The arguments about maturity at the next level are mainly in terms of physical maturity and understanding of the game, not emotional/mental maturity.  Players build a lot of muscle mass over their college careers and learn the most about fine tuning their skills and playing their positions through the coaches at the college level.

It's not that a guy out of high school couldn't make the decision to play in the NFL and understand what he was doing, it's that he'd be eaten alive on the field by larger, stronger, more experience players.
 
2013-09-08 03:47:26 PM  

TuteTibiImperes: Skipping the opportunity for a free education is doing yourself a disservice, even if you make the NFL your career may peter out early on, and it makes sense to have a degree that you can fall back on.
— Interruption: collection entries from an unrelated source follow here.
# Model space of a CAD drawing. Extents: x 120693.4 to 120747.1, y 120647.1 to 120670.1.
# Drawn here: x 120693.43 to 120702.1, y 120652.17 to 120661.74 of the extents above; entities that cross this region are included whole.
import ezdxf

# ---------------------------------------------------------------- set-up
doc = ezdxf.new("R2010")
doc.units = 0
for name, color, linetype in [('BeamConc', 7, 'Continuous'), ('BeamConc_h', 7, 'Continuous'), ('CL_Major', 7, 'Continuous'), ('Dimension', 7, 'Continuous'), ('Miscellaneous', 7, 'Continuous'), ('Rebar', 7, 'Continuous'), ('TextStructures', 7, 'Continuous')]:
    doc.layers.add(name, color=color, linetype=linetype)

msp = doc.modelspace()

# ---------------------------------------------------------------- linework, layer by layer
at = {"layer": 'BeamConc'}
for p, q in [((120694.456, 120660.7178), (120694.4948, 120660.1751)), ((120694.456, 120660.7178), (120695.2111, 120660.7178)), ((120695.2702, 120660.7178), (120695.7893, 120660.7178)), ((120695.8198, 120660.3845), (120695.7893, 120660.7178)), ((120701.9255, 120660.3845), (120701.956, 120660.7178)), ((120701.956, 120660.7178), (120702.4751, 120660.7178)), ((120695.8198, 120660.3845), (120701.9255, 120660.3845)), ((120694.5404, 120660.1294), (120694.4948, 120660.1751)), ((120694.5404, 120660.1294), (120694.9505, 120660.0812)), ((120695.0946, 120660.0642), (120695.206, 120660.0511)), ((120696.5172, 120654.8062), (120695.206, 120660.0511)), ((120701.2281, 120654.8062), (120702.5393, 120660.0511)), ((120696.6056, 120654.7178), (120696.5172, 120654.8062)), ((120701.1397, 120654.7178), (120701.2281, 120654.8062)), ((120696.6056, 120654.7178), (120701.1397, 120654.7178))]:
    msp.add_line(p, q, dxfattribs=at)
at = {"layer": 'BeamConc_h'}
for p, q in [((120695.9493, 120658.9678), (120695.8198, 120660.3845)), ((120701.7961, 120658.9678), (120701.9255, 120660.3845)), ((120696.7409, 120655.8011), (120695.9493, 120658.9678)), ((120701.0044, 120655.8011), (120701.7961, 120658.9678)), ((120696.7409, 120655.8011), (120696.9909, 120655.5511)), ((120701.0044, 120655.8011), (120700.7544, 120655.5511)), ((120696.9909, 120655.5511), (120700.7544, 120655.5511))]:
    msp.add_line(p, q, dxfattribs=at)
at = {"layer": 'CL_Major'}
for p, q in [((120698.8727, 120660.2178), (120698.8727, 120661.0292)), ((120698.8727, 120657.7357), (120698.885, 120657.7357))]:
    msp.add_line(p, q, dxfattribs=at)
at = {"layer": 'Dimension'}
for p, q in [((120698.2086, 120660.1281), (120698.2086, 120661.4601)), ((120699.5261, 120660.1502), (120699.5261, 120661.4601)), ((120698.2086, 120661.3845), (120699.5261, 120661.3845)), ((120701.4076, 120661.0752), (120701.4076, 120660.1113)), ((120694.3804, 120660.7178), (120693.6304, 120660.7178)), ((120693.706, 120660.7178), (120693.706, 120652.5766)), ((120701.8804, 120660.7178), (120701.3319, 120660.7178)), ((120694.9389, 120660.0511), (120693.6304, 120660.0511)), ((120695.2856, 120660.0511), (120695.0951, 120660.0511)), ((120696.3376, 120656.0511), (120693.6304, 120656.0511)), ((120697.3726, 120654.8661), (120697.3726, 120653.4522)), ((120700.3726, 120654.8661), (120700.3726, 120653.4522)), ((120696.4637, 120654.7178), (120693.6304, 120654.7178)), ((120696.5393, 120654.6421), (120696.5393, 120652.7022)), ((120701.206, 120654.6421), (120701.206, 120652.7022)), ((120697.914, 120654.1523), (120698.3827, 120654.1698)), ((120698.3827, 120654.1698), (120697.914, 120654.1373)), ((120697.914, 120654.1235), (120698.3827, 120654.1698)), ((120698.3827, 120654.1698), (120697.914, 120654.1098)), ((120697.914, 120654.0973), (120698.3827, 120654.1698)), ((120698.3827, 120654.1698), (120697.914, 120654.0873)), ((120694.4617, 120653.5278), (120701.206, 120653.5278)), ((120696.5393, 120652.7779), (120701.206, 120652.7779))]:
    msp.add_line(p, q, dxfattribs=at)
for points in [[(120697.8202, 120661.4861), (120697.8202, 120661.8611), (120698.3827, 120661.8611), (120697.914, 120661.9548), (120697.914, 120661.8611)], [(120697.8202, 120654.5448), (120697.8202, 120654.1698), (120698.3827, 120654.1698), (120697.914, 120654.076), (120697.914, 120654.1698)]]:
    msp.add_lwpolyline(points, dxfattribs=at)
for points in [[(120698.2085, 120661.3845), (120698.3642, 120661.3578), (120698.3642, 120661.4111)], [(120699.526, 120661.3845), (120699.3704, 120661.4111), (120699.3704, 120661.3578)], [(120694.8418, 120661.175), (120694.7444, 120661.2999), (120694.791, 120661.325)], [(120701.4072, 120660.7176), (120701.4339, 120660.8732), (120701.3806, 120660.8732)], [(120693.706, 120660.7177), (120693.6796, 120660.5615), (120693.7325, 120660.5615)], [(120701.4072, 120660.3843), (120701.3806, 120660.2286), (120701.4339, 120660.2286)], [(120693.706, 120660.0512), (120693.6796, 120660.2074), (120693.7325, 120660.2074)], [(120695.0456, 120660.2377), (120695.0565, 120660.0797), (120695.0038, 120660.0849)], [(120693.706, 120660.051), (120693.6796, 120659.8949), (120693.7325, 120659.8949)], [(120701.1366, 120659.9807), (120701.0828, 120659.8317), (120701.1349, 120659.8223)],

That doesn't have anything to do with being too immature to make life decisions.


My original post was addressing the audience that claims people who are supposedly going to college so they can learn how to make intelligent decisions are supposed to have the wherewithal to recognize that football is dangerous and that they can make a conscious choice to stop playing it, because it doesn't work that way, ever.